*To do*
Nothing but the lines from the one containing "Pins are listed" through the last line of the data below should be returned, each exactly as it stands, pictures excluded.

*** Dataset extract ***

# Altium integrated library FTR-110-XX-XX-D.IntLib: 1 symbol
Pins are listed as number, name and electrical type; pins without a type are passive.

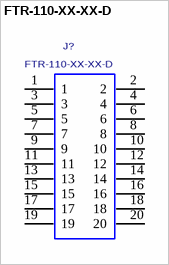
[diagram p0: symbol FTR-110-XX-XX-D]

## FTR-110-XX-XX-D
designator J?
HI-TEMP TERMINAL MICRO-STRIP (DOUBLE ROW).; MANUFACTURER: SAMTEC
footprint FTR-110-XX-XX-D
pins: 1, 2, 3, 4, 5, 6, 7, 8, 9, 10, 11, 12, 13, 14, 15, 16, 17, 18, 19, 20

***

*Answer for the task*
Pins are listed as number, name and electrical type; pins without a type are passive.

[diagram p0: symbol FTR-110-XX-XX-D]

## FTR-110-XX-XX-D
designator J?
HI-TEMP TERMINAL MICRO-STRIP (DOUBLE ROW).; MANUFACTURER: SAMTEC
footprint FTR-110-XX-XX-D
pins: 1, 2, 3, 4, 5, 6, 7, 8, 9, 10, 11, 12, 13, 14, 15, 16, 17, 18, 19, 20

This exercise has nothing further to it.